The group did what the police had told them; while walking Florin Micu continued his argument with S. Shortly after, the squad car reappeared by their side and one of the cops addressed Micu directly, saying “You don’t want to calm down, do you?”. The same cop restrained him with a pair of handcuffs and pushed him into the car. While Florin Micu was in the squad car, his hands tied behind his back, the policemen fined his friends for disturbing public peace. This shows that ID-ing and even fining persons for misdemeanors can be done without taking them to the police station.
Then, the cop who had restrained Micu and who sat on his left side, in the back of the car, punched him in the face with his right hand. The other two cops got into the car without any reaction to the beating and drove the Station 25.
Here, two of the cops dragged Florin Micu out of the car and into the lobby of the precinct, where they threw him on the floor, face down, his hands still handcuffed behind his back, and started kicking and punching him. The beating lasted for about five minutes. Florin Micu said that all three squad members were hitting him and the officer on duty witnessed the violence. The shower of punches and kicks made the victim dizzy, so the cops carried him upstairs in a room on the first floor and sat him on a chair.

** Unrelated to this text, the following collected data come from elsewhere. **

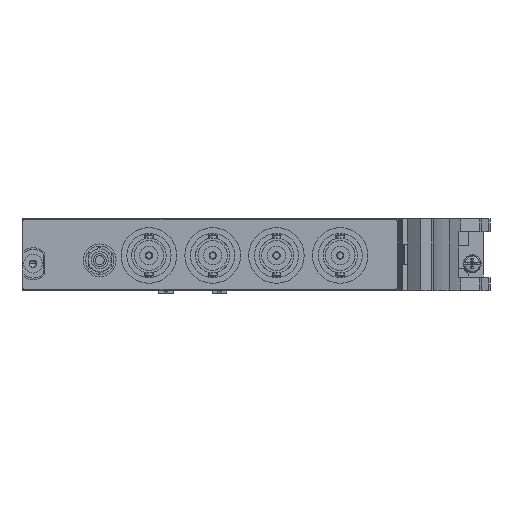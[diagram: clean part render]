
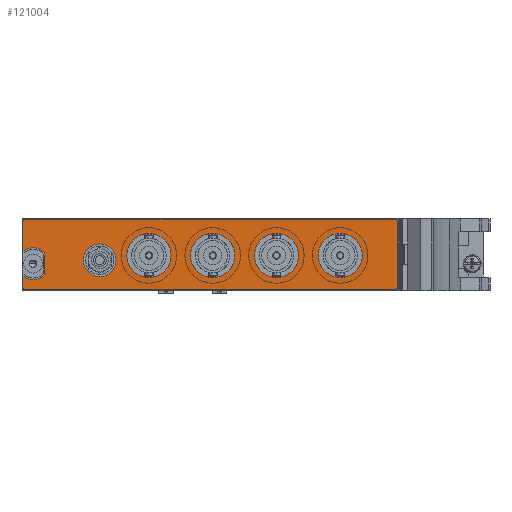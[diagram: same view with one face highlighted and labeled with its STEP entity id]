
A CAD part, left-side view. The second image highlights one B-rep face of the part: STEP entity #121004.
In plain terms, the highlighted planar face has unit normal (-1, 0, 0).
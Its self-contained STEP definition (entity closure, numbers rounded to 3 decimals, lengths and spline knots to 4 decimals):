
#30412=CARTESIAN_POINT('',(-0.2154,0.535,0.665));
#30413=DIRECTION('',(-1.,0.,0.));
#30414=DIRECTION('',(0.,0.,1.));
#30415=AXIS2_PLACEMENT_3D('',#30412,#30413,#30414);
#30417=DIRECTION('',(0.,1.,0.));
#30418=VECTOR('',#30417,4.07);
#30419=CARTESIAN_POINT('',(-0.2154,-3.535,0.685));
#30420=LINE('',#30419,#30418);
#30421=CARTESIAN_POINT('',(-0.2154,-3.535,0.665));
#30422=DIRECTION('',(-1.,0.,0.));
#30423=DIRECTION('',(0.,-1.,0.));
#30424=AXIS2_PLACEMENT_3D('',#30421,#30422,#30423);
#30426=DIRECTION('',(0.,0.,1.));
#30427=VECTOR('',#30426,0.728);
#30428=CARTESIAN_POINT('',(-0.2154,-3.555,-0.063));
#30429=LINE('',#30428,#30427);
#30430=CARTESIAN_POINT('',(-0.2154,-3.535,-0.063));
#30431=DIRECTION('',(-1.,0.,0.));
#30432=DIRECTION('',(0.,0.,-1.));
#30433=AXIS2_PLACEMENT_3D('',#30430,#30431,#30432);
#30435=DIRECTION('',(0.,-1.,0.));
#30436=VECTOR('',#30435,4.07);
#30437=CARTESIAN_POINT('',(-0.2154,0.535,-0.083));
#30438=LINE('',#30437,#30436);
#30439=CARTESIAN_POINT('',(-0.2154,0.535,-0.063));
#30440=DIRECTION('',(-1.,0.,0.));
#30441=DIRECTION('',(0.,1.,0.));
#30442=AXIS2_PLACEMENT_3D('',#30439,#30440,#30441);
#30444=DIRECTION('',(0.,0.,-1.));
#30445=VECTOR('',#30444,0.1295);
#30446=CARTESIAN_POINT('',(-0.2154,0.555,0.0665));
#30447=LINE('',#30446,#30445);
#30448=CARTESIAN_POINT('',(-0.2154,0.443,0.201));
#30449=DIRECTION('',(1.,0.,0.));
#30450=DIRECTION('',(0.,-0.737,-0.676));
#30451=AXIS2_PLACEMENT_3D('',#30448,#30449,#30450);
#30453=DIRECTION('',(0.,0.,-1.));
#30454=VECTOR('',#30453,0.2365);
#30455=CARTESIAN_POINT('',(-0.2154,0.314,0.3193));
#30456=LINE('',#30455,#30454);
#30457=CARTESIAN_POINT('',(-0.2154,0.443,0.201));
#30458=DIRECTION('',(1.,0.,0.));
#30459=DIRECTION('',(0.,0.64,0.768));
#30460=AXIS2_PLACEMENT_3D('',#30457,#30458,#30459);
#30462=DIRECTION('',(0.,0.,-1.));
#30463=VECTOR('',#30462,0.3295);
#30464=CARTESIAN_POINT('',(-0.2154,0.555,0.665));
#30465=LINE('',#30464,#30463);
#30466=CARTESIAN_POINT('',(-0.2154,-2.9286,0.2915));
#30467=DIRECTION('',(-1.,0.,0.));
#30468=DIRECTION('',(0.,0.,1.));
#30469=AXIS2_PLACEMENT_3D('',#30466,#30467,#30468);
#30471=CARTESIAN_POINT('',(-0.2154,-2.9286,0.2915));
#30472=DIRECTION('',(-1.,0.,0.));
#30473=DIRECTION('',(0.,0.,-1.));
#30474=AXIS2_PLACEMENT_3D('',#30471,#30472,#30473);
#30476=CARTESIAN_POINT('',(-0.2154,-2.2286,0.2915));
#30477=DIRECTION('',(-1.,0.,0.));
#30478=DIRECTION('',(0.,0.,1.));
#30479=AXIS2_PLACEMENT_3D('',#30476,#30477,#30478);
#30481=CARTESIAN_POINT('',(-0.2154,-2.2286,0.2915));
#30482=DIRECTION('',(-1.,0.,0.));
#30483=DIRECTION('',(0.,0.,-1.));
#30484=AXIS2_PLACEMENT_3D('',#30481,#30482,#30483);
#30486=CARTESIAN_POINT('',(-0.2154,-1.5286,0.2915));
#30487=DIRECTION('',(-1.,0.,0.));
#30488=DIRECTION('',(0.,0.,1.));
#30489=AXIS2_PLACEMENT_3D('',#30486,#30487,#30488);
#30491=CARTESIAN_POINT('',(-0.2154,-1.5286,0.2915));
#30492=DIRECTION('',(-1.,0.,0.));
#30493=DIRECTION('',(0.,0.,-1.));
#30494=AXIS2_PLACEMENT_3D('',#30491,#30492,#30493);
#30496=CARTESIAN_POINT('',(-0.2154,-0.8286,0.2915));
#30497=DIRECTION('',(-1.,0.,0.));
#30498=DIRECTION('',(0.,0.,1.));
#30499=AXIS2_PLACEMENT_3D('',#30496,#30497,#30498);
#30501=CARTESIAN_POINT('',(-0.2154,-0.8286,0.2915));
#30502=DIRECTION('',(-1.,0.,0.));
#30503=DIRECTION('',(0.,0.,-1.));
#30504=AXIS2_PLACEMENT_3D('',#30501,#30502,#30503);
#30506=CARTESIAN_POINT('',(-0.2154,-0.288,0.239));
#30507=DIRECTION('',(-1.,0.,0.));
#30508=DIRECTION('',(0.,0.,1.));
#30509=AXIS2_PLACEMENT_3D('',#30506,#30507,#30508);
#30511=CARTESIAN_POINT('',(-0.2154,-0.288,0.239));
#30512=DIRECTION('',(-1.,0.,0.));
#30513=DIRECTION('',(0.,0.,-1.));
#30514=AXIS2_PLACEMENT_3D('',#30511,#30512,#30513);
#82859=CARTESIAN_POINT('',(-0.2154,0.535,0.685));
#82860=CARTESIAN_POINT('',(-0.2154,0.555,0.665));
#82861=VERTEX_POINT('',#82859);
#82862=VERTEX_POINT('',#82860);
#82863=CARTESIAN_POINT('',(-0.2154,0.555,0.3355));
#82864=VERTEX_POINT('',#82863);
#82865=CARTESIAN_POINT('',(-0.2154,0.314,0.3193));
#82866=VERTEX_POINT('',#82865);
#82867=CARTESIAN_POINT('',(-0.2154,0.314,0.0827));
#82868=VERTEX_POINT('',#82867);
#82869=CARTESIAN_POINT('',(-0.2154,0.555,0.0665));
#82870=VERTEX_POINT('',#82869);
#82871=CARTESIAN_POINT('',(-0.2154,0.555,-0.063));
#82872=VERTEX_POINT('',#82871);
#82873=CARTESIAN_POINT('',(-0.2154,0.535,-0.083));
#82874=VERTEX_POINT('',#82873);
#82875=CARTESIAN_POINT('',(-0.2154,-3.535,-0.083));
#82876=VERTEX_POINT('',#82875);
#82877=CARTESIAN_POINT('',(-0.2154,-3.555,-0.063));
#82878=VERTEX_POINT('',#82877);
#82879=CARTESIAN_POINT('',(-0.2154,-3.555,0.665));
#82880=VERTEX_POINT('',#82879);
#82881=CARTESIAN_POINT('',(-0.2154,-3.535,0.685));
#82882=VERTEX_POINT('',#82881);
#82899=CARTESIAN_POINT('',(-0.2154,-2.9286,0.534));
#82900=CARTESIAN_POINT('',(-0.2154,-2.9286,0.049));
#82901=VERTEX_POINT('',#82899);
#82902=VERTEX_POINT('',#82900);
#82903=CARTESIAN_POINT('',(-0.2154,-2.2286,0.534));
#82904=CARTESIAN_POINT('',(-0.2154,-2.2286,0.049));
#82905=VERTEX_POINT('',#82903);
#82906=VERTEX_POINT('',#82904);
#82907=CARTESIAN_POINT('',(-0.2154,-1.5286,0.534));
#82908=CARTESIAN_POINT('',(-0.2154,-1.5286,0.049));
#82909=VERTEX_POINT('',#82907);
#82910=VERTEX_POINT('',#82908);
#82911=CARTESIAN_POINT('',(-0.2154,-0.8286,0.534));
#82912=CARTESIAN_POINT('',(-0.2154,-0.8286,0.049));
#82913=VERTEX_POINT('',#82911);
#82914=VERTEX_POINT('',#82912);
#82915=CARTESIAN_POINT('',(-0.2154,-0.288,0.419));
#82916=CARTESIAN_POINT('',(-0.2154,-0.288,0.059));
#82917=VERTEX_POINT('',#82915);
#82918=VERTEX_POINT('',#82916);
#120955=CARTESIAN_POINT('',(-0.2154,0.443,0.201));
#120956=DIRECTION('',(-1.,0.,0.));
#120957=DIRECTION('',(0.,0.,1.));
#120958=AXIS2_PLACEMENT_3D('',#120955,#120956,#120957);
#120959=PLANE('',#120958);
#120960=ORIENTED_EDGE('',*,*,#120795,.F.);
#120961=ORIENTED_EDGE('',*,*,#120810,.F.);
#120962=ORIENTED_EDGE('',*,*,#120824,.F.);
#120963=ORIENTED_EDGE('',*,*,#120838,.F.);
#120964=ORIENTED_EDGE('',*,*,#120852,.F.);
#120965=ORIENTED_EDGE('',*,*,#120866,.F.);
#120966=ORIENTED_EDGE('',*,*,#120880,.F.);
#120967=ORIENTED_EDGE('',*,*,#120894,.F.);
#120968=ORIENTED_EDGE('',*,*,#120908,.F.);
#120969=ORIENTED_EDGE('',*,*,#120922,.F.);
#120970=ORIENTED_EDGE('',*,*,#120936,.F.);
#120971=ORIENTED_EDGE('',*,*,#120949,.F.);
#120972=EDGE_LOOP('',(#120960,#120961,#120962,#120963,#120964,#120965,#120966,
#120967,#120968,#120969,#120970,#120971));
#120973=FACE_OUTER_BOUND('',#120972,.F.);
#120975=ORIENTED_EDGE('',*,*,#120974,.T.);
#120977=ORIENTED_EDGE('',*,*,#120976,.T.);
#120978=EDGE_LOOP('',(#120975,#120977));
#120979=FACE_BOUND('',#120978,.F.);
#120981=ORIENTED_EDGE('',*,*,#120980,.T.);
#120983=ORIENTED_EDGE('',*,*,#120982,.T.);
#120984=EDGE_LOOP('',(#120981,#120983));
#120985=FACE_BOUND('',#120984,.F.);
#120987=ORIENTED_EDGE('',*,*,#120986,.T.);
#120989=ORIENTED_EDGE('',*,*,#120988,.T.);
#120990=EDGE_LOOP('',(#120987,#120989));
#120991=FACE_BOUND('',#120990,.F.);
#120993=ORIENTED_EDGE('',*,*,#120992,.T.);
#120995=ORIENTED_EDGE('',*,*,#120994,.T.);
#120996=EDGE_LOOP('',(#120993,#120995));
#120997=FACE_BOUND('',#120996,.F.);
#120999=ORIENTED_EDGE('',*,*,#120998,.T.);
#121001=ORIENTED_EDGE('',*,*,#121000,.T.);
#121002=EDGE_LOOP('',(#120999,#121001));
#121003=FACE_BOUND('',#121002,.F.);
#121004=ADVANCED_FACE('',(#120973,#120979,#120985,#120991,#120997,#121003),
#120959,.T.);
#30416=CIRCLE('',#30415,0.02);
#30425=CIRCLE('',#30424,0.02);
#30434=CIRCLE('',#30433,0.02);
#30443=CIRCLE('',#30442,0.02);
#30452=CIRCLE('',#30451,0.175);
#30461=CIRCLE('',#30460,0.175);
#30470=CIRCLE('',#30469,0.2425);
#30475=CIRCLE('',#30474,0.2425);
#30480=CIRCLE('',#30479,0.2425);
#30485=CIRCLE('',#30484,0.2425);
#30490=CIRCLE('',#30489,0.2425);
#30495=CIRCLE('',#30494,0.2425);
#30500=CIRCLE('',#30499,0.2425);
#30505=CIRCLE('',#30504,0.2425);
#30510=CIRCLE('',#30509,0.18);
#30515=CIRCLE('',#30514,0.18);
#120795=EDGE_CURVE('',#82861,#82862,#30416,.T.);
#120810=EDGE_CURVE('',#82882,#82861,#30420,.T.);
#120824=EDGE_CURVE('',#82880,#82882,#30425,.T.);
#120838=EDGE_CURVE('',#82878,#82880,#30429,.T.);
#120852=EDGE_CURVE('',#82876,#82878,#30434,.T.);
#120866=EDGE_CURVE('',#82874,#82876,#30438,.T.);
#120880=EDGE_CURVE('',#82872,#82874,#30443,.T.);
#120894=EDGE_CURVE('',#82870,#82872,#30447,.T.);
#120908=EDGE_CURVE('',#82868,#82870,#30452,.T.);
#120922=EDGE_CURVE('',#82866,#82868,#30456,.T.);
#120936=EDGE_CURVE('',#82864,#82866,#30461,.T.);
#120949=EDGE_CURVE('',#82862,#82864,#30465,.T.);
#120974=EDGE_CURVE('',#82901,#82902,#30470,.T.);
#120976=EDGE_CURVE('',#82902,#82901,#30475,.T.);
#120980=EDGE_CURVE('',#82905,#82906,#30480,.T.);
#120982=EDGE_CURVE('',#82906,#82905,#30485,.T.);
#120986=EDGE_CURVE('',#82909,#82910,#30490,.T.);
#120988=EDGE_CURVE('',#82910,#82909,#30495,.T.);
#120992=EDGE_CURVE('',#82913,#82914,#30500,.T.);
#120994=EDGE_CURVE('',#82914,#82913,#30505,.T.);
#120998=EDGE_CURVE('',#82917,#82918,#30510,.T.);
#121000=EDGE_CURVE('',#82918,#82917,#30515,.T.);

Another uniformed cop was in this room, which looked like an interrogation room, but he had no reaction seeing a handcuffed victim brought in, hand tied behind his back and visible bruises on his face. Annoyed by the ill treatment, Florin Micu threw a few swear words to the policemen and, as a result, one of them (Florin Micu, who has confused, said it could be the one who drove the car or the one who beat him in the back seat) hit him four or five time with the tonfa over the right leg.
His handcuffs were removed about 40 minutes after arriving at the station and only after Florin Micu insisted, because they were very tight around his wrists and were hurting him. Then, the cops started writing a fine for disturbing public order, which he refused to sign. The policemen started to chat with him friendly, made jokes and finally asked him his name, then told him he was free to go. This type of behavior seemed to be a habit for the cops in question; it indicates that the main purpose of taking a suspect to the police station – which is to determine his/her ID –is frequently ignored. Micu’s keys and phone, the only items he had on him and does not remember being taken by the cops, were returned.
In the end, the three policemen saw Florin Micu out of the building in a peaceful manner and one of them suggested he might have had a fall down the stairs, hence the marks of violence he bore. It was around 5:00 a.m. when he left the building.
At no point during his ordeal at the hands of the police was the victim told why he was handcuffed, taken to the station, ill-treated and deprived of liberty. He was simply picked up from the street and brutalized by representatives of the state, who are supposed to act for the protection of citizens, being hit by them repeatedly and with cruelty while he was handcuffed and defenseless. Moreover, he was unable to inform anyone of his whereabouts or to call a lawyer.
When he got out of the police station, Florin Micu called one of his friends from the park to come and get him home. He arrived shortly in a cab and seeing in what state Micu was (blood running out of his mouth and nose, a blue left eye) suggested they should go to the hospital. The friend, P.I., took some pictures of Micu with his own cell phone. They went to Sfântul Ioan Hospital, where the victim declared he had been beaten by cops, was given a set of X-rays and was redirected to Bagdasar and Colțea Hospitals for further investigations. Meanwhile, the woman who had the argument with Micu before he was taken by the police, S., arrived at the hospital, bringing his ID card from home.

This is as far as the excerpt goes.